PROBLEM: Every record must be repeated exactly; omit any pictures they contain.

RECORDS FOR THE EXERCISE Start Marker

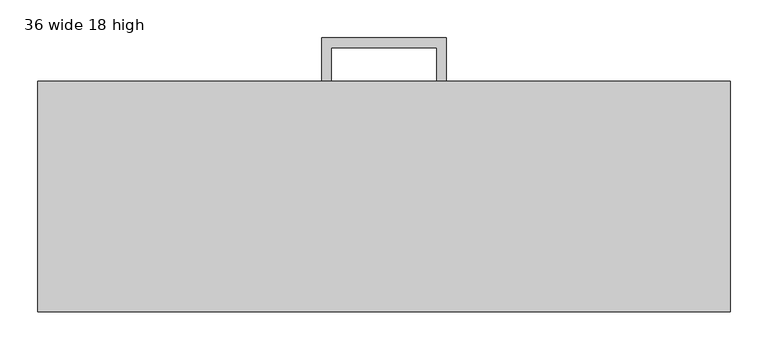
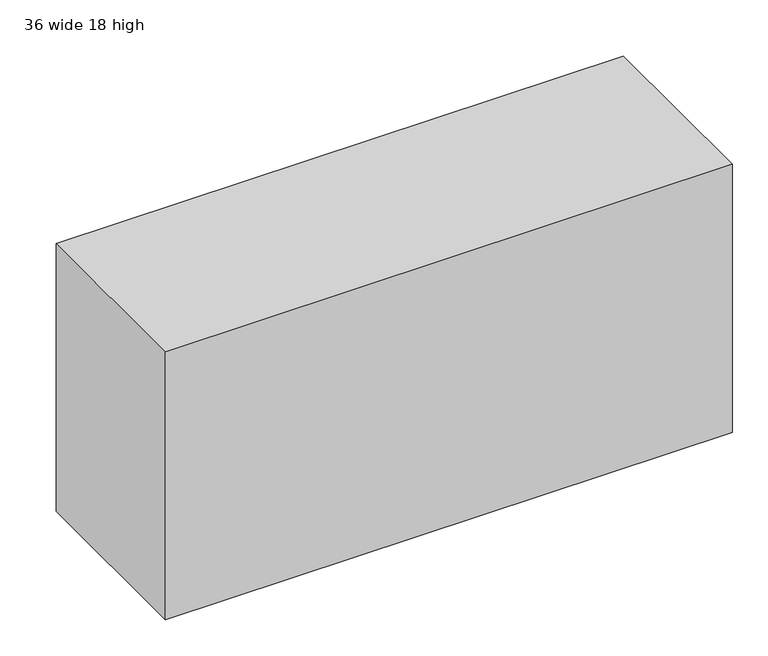
"""IFC4 building model written with IfcOpenShell, lengths in millimetres: furniture geometry, Binder Bin : 36 wide 18 high."""

from ifc_helpers import new_model, si_unit, frame, origin, place, context, project, spatial, polyline, outline, extrude, source, transform, mapped, element, save


def furniture_36_wide_18_high_68bd698f(model_context):
    return source(origin(), model_context, "Body", "SweptSolid", [
        extrude(outline(polyline([(-69.85, 381.0), (-82.55, 381.0), (-82.55, 438.15), (82.55, 438.15), (82.55, 381.0), (69.85, 381.0), (69.85, 425.45), (-69.85, 425.45), (-69.85, 381.0)])), frame((0.0, 0.0, 1568.45), z_axis=(0.0, 0.0, 1.0), x_axis=(1.0, 0.0, 0.0)), (0.0, 0.0, 1.0), 12.7),
        extrude(outline(polyline([(457.2, 76.2), (-457.2, 76.2), (-457.2, 381.0), (457.2, 381.0), (457.2, 76.2)])), frame((0.0, 0.0, 1524.0), z_axis=(0.0, 0.0, 1.0), x_axis=(1.0, 0.0, 0.0)), (0.0, 0.0, 1.0), 457.2),
    ])


if __name__ == "__main__":
    model = new_model("IFC4")
    model_context = context("Model", 3, world=origin())
    ifc_project = project(units=[si_unit("LENGTHUNIT", "METRE", prefix="MILLI")], contexts=[model_context])
    site = spatial("IfcSite", under=ifc_project)
    building = spatial("IfcBuilding", under=site)
    placement = place(None, origin())
    furniture_36_wide_18_high_shape = furniture_36_wide_18_high_68bd698f(model_context)
    element("IfcFurniture", 1, ObjectType="Binder Bin : 36 wide 18 high", at=placement, inside=building, context=model_context, shape_type="MappedRepresentation", body=[
        mapped(furniture_36_wide_18_high_shape, transform((0.0, 0.0, 0.0), x_axis=(1.0, 0.0, 0.0), y_axis=(0.0, 1.0, 0.0), z_axis=(0.0, 0.0, 1.0))),
    ])
    save(model, "model.ifc")

# Revit data of these elements
# Type "Binder Bin : 36 wide 18 high"
#   Model = "BIN-3618"
#   Manufacturer = "Corporate Concepts"
#   Type Mark = "BN-1"
#   Model = "BIN-3618"
#   Manufacturer = "Corporate Concepts"
#   Cost = 625
#   Width = 3' - 0"
#   Mounting Height [instance default] = 4' - 6"
#   Height = 1' - 6"
#   Cost = 625
#   Type Image = Binder Bin.png
#   Default Elevation = 0
# Element 1 (IfcFurniture, "Binder Bin : 36 wide 18 high")
#   Mounting Height = 5' - 0"
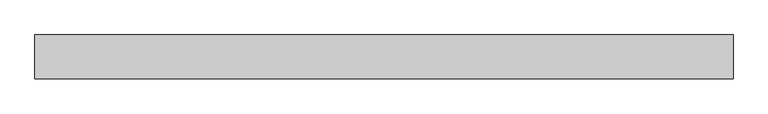
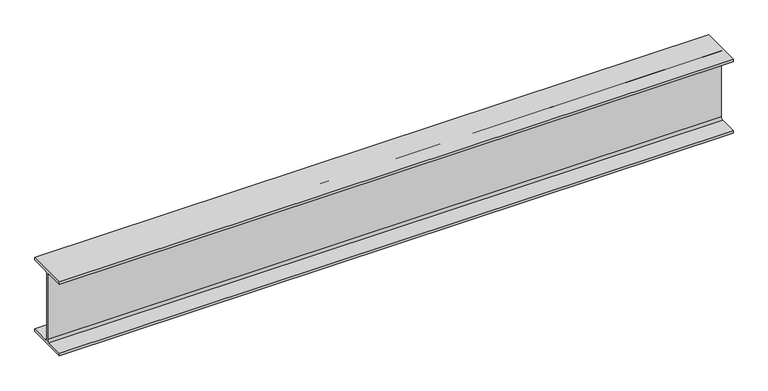
"""IFC4 building model written with IfcOpenShell, lengths in millimetres: beam geometry, Steel Beam_H-KSD3502 : H_SB_ASB_H-194x150x6x9."""

from ifc_helpers import new_model, si_unit, point, frame, frame_2d, origin, place, context, project, spatial, polyline, circle_curve, trimmed, segment, composite_curve, outline, extrude, source, transform, mapped, element, save


def beam_e9c9c49d(model_context):
    return source(origin(), model_context, "Body", "SweptSolid", [
        extrude(outline(composite_curve([segment(polyline([(82.5, -141.5), (82.5, -151.7), (-82.5, -151.7), (-82.5, -141.5), (-11.9, -141.5)]), True, "CONTINUOUS"), segment(trimmed(circle_curve(frame_2d((-11.9, -132.6)), 8.9), [point((-11.9, -141.5))], [point((-3.0, -132.6))], True, "CARTESIAN"), True, "CONTINUOUS"), segment(polyline([(-3.0, -132.6), (-3.0, 132.6)]), True, "CONTINUOUS"), segment(trimmed(circle_curve(frame_2d((-11.9, 132.6)), 8.9), [point((-3.0, 132.6))], [point((-11.9, 141.5))], True, "CARTESIAN"), True, "CONTINUOUS"), segment(polyline([(-11.9, 141.5), (-82.5, 141.5), (-82.5, 151.7), (82.5, 151.7), (82.5, 141.5), (11.9, 141.5)]), True, "CONTINUOUS"), segment(trimmed(circle_curve(frame_2d((11.9, 132.6)), 8.9), [point((11.9, 141.5))], [point((3.0, 132.6))], True, "CARTESIAN"), True, "CONTINUOUS"), segment(polyline([(3.0, 132.6), (3.0, -132.6)]), True, "CONTINUOUS"), segment(trimmed(circle_curve(frame_2d((11.9, -132.6)), 8.9), [point((3.0, -132.6))], [point((11.9, -141.5))], True, "CARTESIAN"), True, "CONTINUOUS"), segment(polyline([(11.9, -141.5), (82.5, -141.5)]), True, "CONTINUOUS")], self_intersect=False)), frame((-1068.0314701, 0.0, 0.0), z_axis=(1.0, 0.0, 0.0), x_axis=(0.0, 1.0, 0.0)), (0.0, 0.0, 1.0), 2617.0588612),
    ])


if __name__ == "__main__":
    model = new_model("IFC4")
    model_context = context("Model", 3, world=origin())
    ifc_project = project(units=[si_unit("LENGTHUNIT", "METRE", prefix="MILLI")], contexts=[model_context])
    site = spatial("IfcSite", under=ifc_project)
    building = spatial("IfcBuilding", under=site)
    placement = place(None, origin())
    beam_shape = beam_e9c9c49d(model_context)
    element("IfcBeam", 1, ObjectType="Steel Beam_H-KSD3502 : H_SB_ASB_H-194x150x6x9", at=placement, inside=building, context=model_context, shape_type="MappedRepresentation", body=[
        mapped(beam_shape, transform((0.0, 0.0, 0.0), x_axis=(1.0, 0.0, 0.0), y_axis=(0.0, 1.0, 0.0), z_axis=(0.0, 0.0, 1.0))),
    ])
    save(model, "model.ifc")

# Revit data of these elements
# Type "Steel Beam_H-KSD3502 : H_SB_ASB_H-194x150x6x9"
#   Width = 15.0 cm
#   Web Thickness = 0.6 cm
#   Web Fillet = 1.3 cm
#   Warping Constant = 43316.0 cm⁶
#   Torsional Moment of Inertia = 8.622 cm⁴
#   Torsional Modulus = 1.0 cm³
#   Section Area = 39.01 cm²
#   Plastic Modulus weak axis = 104.0 cm³
#   Plastic Modulus strong axis = 309.0 cm³
#   Perimeter = 0.95 m²/m
#   Nominal Weight = 30.60 kgf/m
#   Moment of Inertia weak axis = 507.00 cm⁴
#   Moment of Inertia strong axis = 2690.00 cm⁴
#   Height = 19.4 cm
#   Flange Thickness = 0.9 cm
#   Elastic Modulus weak axis = 67.6 cm³
#   Elastic Modulus strong axis = 277.0 cm³
#   Centroid Vertical = 9.7 cm
#   Centroid Horizontal = 7.5 cm
#   Length [instance default] = 1.5240 m
#   Structural Material [instance default] = Steel, 45-345
#   Assembly Code = ""
# Element 1 (IfcBeam, "Steel Beam_H-KSD3502 : H_SB_ASB_H-194x150x6x9")
#   Structural Material = none
# Materials
#   "Steel, 45-345": class "Metal", colour RGB 189 187 185, transparency 0, Description = "Steel 345 MPa", Cost = 0

RECORDS FOR THE EXERCISE End Marker

PROBLEM SOLUTION:
"""IFC4 building model written with IfcOpenShell, lengths in millimetres: furniture geometry, Binder Bin : 36 wide 18 high."""

from ifc_helpers import new_model, si_unit, frame, origin, place, context, project, spatial, polyline, outline, extrude, source, transform, mapped, element, save


def furniture_36_wide_18_high_68bd698f(model_context):
    return source(origin(), model_context, "Body", "SweptSolid", [
        extrude(outline(polyline([(-69.85, 381.0), (-82.55, 381.0), (-82.55, 438.15), (82.55, 438.15), (82.55, 381.0), (69.85, 381.0), (69.85, 425.45), (-69.85, 425.45), (-69.85, 381.0)])), frame((0.0, 0.0, 1568.45), z_axis=(0.0, 0.0, 1.0), x_axis=(1.0, 0.0, 0.0)), (0.0, 0.0, 1.0), 12.7),
        extrude(outline(polyline([(457.2, 76.2), (-457.2, 76.2), (-457.2, 381.0), (457.2, 381.0), (457.2, 76.2)])), frame((0.0, 0.0, 1524.0), z_axis=(0.0, 0.0, 1.0), x_axis=(1.0, 0.0, 0.0)), (0.0, 0.0, 1.0), 457.2),
    ])


if __name__ == "__main__":
    model = new_model("IFC4")
    model_context = context("Model", 3, world=origin())
    ifc_project = project(units=[si_unit("LENGTHUNIT", "METRE", prefix="MILLI")], contexts=[model_context])
    site = spatial("IfcSite", under=ifc_project)
    building = spatial("IfcBuilding", under=site)
    placement = place(None, origin())
    furniture_36_wide_18_high_shape = furniture_36_wide_18_high_68bd698f(model_context)
    element("IfcFurniture", 1, ObjectType="Binder Bin : 36 wide 18 high", at=placement, inside=building, context=model_context, shape_type="MappedRepresentation", body=[
        mapped(furniture_36_wide_18_high_shape, transform((0.0, 0.0, 0.0), x_axis=(1.0, 0.0, 0.0), y_axis=(0.0, 1.0, 0.0), z_axis=(0.0, 0.0, 1.0))),
    ])
    save(model, "model.ifc")

# Revit data of these elements
# Type "Binder Bin : 36 wide 18 high"
#   Model = "BIN-3618"
#   Manufacturer = "Corporate Concepts"
#   Type Mark = "BN-1"
#   Model = "BIN-3618"
#   Manufacturer = "Corporate Concepts"
#   Cost = 625
#   Width = 3' - 0"
#   Mounting Height [instance default] = 4' - 6"
#   Height = 1' - 6"
#   Cost = 625
#   Type Image = Binder Bin.png
#   Default Elevation = 0
# Element 1 (IfcFurniture, "Binder Bin : 36 wide 18 high")
#   Mounting Height = 5' - 0"
"""IFC4 building model written with IfcOpenShell, lengths in millimetres: beam geometry, Steel Beam_H-KSD3502 : H_SB_ASB_H-194x150x6x9."""

from ifc_helpers import new_model, si_unit, point, frame, frame_2d, origin, place, context, project, spatial, polyline, circle_curve, trimmed, segment, composite_curve, outline, extrude, source, transform, mapped, element, save


def beam_e9c9c49d(model_context):
    return source(origin(), model_context, "Body", "SweptSolid", [
        extrude(outline(composite_curve([segment(polyline([(82.5, -141.5), (82.5, -151.7), (-82.5, -151.7), (-82.5, -141.5), (-11.9, -141.5)]), True, "CONTINUOUS"), segment(trimmed(circle_curve(frame_2d((-11.9, -132.6)), 8.9), [point((-11.9, -141.5))], [point((-3.0, -132.6))], True, "CARTESIAN"), True, "CONTINUOUS"), segment(polyline([(-3.0, -132.6), (-3.0, 132.6)]), True, "CONTINUOUS"), segment(trimmed(circle_curve(frame_2d((-11.9, 132.6)), 8.9), [point((-3.0, 132.6))], [point((-11.9, 141.5))], True, "CARTESIAN"), True, "CONTINUOUS"), segment(polyline([(-11.9, 141.5), (-82.5, 141.5), (-82.5, 151.7), (82.5, 151.7), (82.5, 141.5), (11.9, 141.5)]), True, "CONTINUOUS"), segment(trimmed(circle_curve(frame_2d((11.9, 132.6)), 8.9), [point((11.9, 141.5))], [point((3.0, 132.6))], True, "CARTESIAN"), True, "CONTINUOUS"), segment(polyline([(3.0, 132.6), (3.0, -132.6)]), True, "CONTINUOUS"), segment(trimmed(circle_curve(frame_2d((11.9, -132.6)), 8.9), [point((3.0, -132.6))], [point((11.9, -141.5))], True, "CARTESIAN"), True, "CONTINUOUS"), segment(polyline([(11.9, -141.5), (82.5, -141.5)]), True, "CONTINUOUS")], self_intersect=False)), frame((-1068.0314701, 0.0, 0.0), z_axis=(1.0, 0.0, 0.0), x_axis=(0.0, 1.0, 0.0)), (0.0, 0.0, 1.0), 2617.0588612),
    ])


if __name__ == "__main__":
    model = new_model("IFC4")
    model_context = context("Model", 3, world=origin())
    ifc_project = project(units=[si_unit("LENGTHUNIT", "METRE", prefix="MILLI")], contexts=[model_context])
    site = spatial("IfcSite", under=ifc_project)
    building = spatial("IfcBuilding", under=site)
    placement = place(None, origin())
    beam_shape = beam_e9c9c49d(model_context)
    element("IfcBeam", 1, ObjectType="Steel Beam_H-KSD3502 : H_SB_ASB_H-194x150x6x9", at=placement, inside=building, context=model_context, shape_type="MappedRepresentation", body=[
        mapped(beam_shape, transform((0.0, 0.0, 0.0), x_axis=(1.0, 0.0, 0.0), y_axis=(0.0, 1.0, 0.0), z_axis=(0.0, 0.0, 1.0))),
    ])
    save(model, "model.ifc")

# Revit data of these elements
# Type "Steel Beam_H-KSD3502 : H_SB_ASB_H-194x150x6x9"
#   Width = 15.0 cm
#   Web Thickness = 0.6 cm
#   Web Fillet = 1.3 cm
#   Warping Constant = 43316.0 cm⁶
#   Torsional Moment of Inertia = 8.622 cm⁴
#   Torsional Modulus = 1.0 cm³
#   Section Area = 39.01 cm²
#   Plastic Modulus weak axis = 104.0 cm³
#   Plastic Modulus strong axis = 309.0 cm³
#   Perimeter = 0.95 m²/m
#   Nominal Weight = 30.60 kgf/m
#   Moment of Inertia weak axis = 507.00 cm⁴
#   Moment of Inertia strong axis = 2690.00 cm⁴
#   Height = 19.4 cm
#   Flange Thickness = 0.9 cm
#   Elastic Modulus weak axis = 67.6 cm³
#   Elastic Modulus strong axis = 277.0 cm³
#   Centroid Vertical = 9.7 cm
#   Centroid Horizontal = 7.5 cm
#   Length [instance default] = 1.5240 m
#   Structural Material [instance default] = Steel, 45-345
#   Assembly Code = ""
# Element 1 (IfcBeam, "Steel Beam_H-KSD3502 : H_SB_ASB_H-194x150x6x9")
#   Structural Material = none
# Materials
#   "Steel, 45-345": class "Metal", colour RGB 189 187 185, transparency 0, Description = "Steel 345 MPa", Cost = 0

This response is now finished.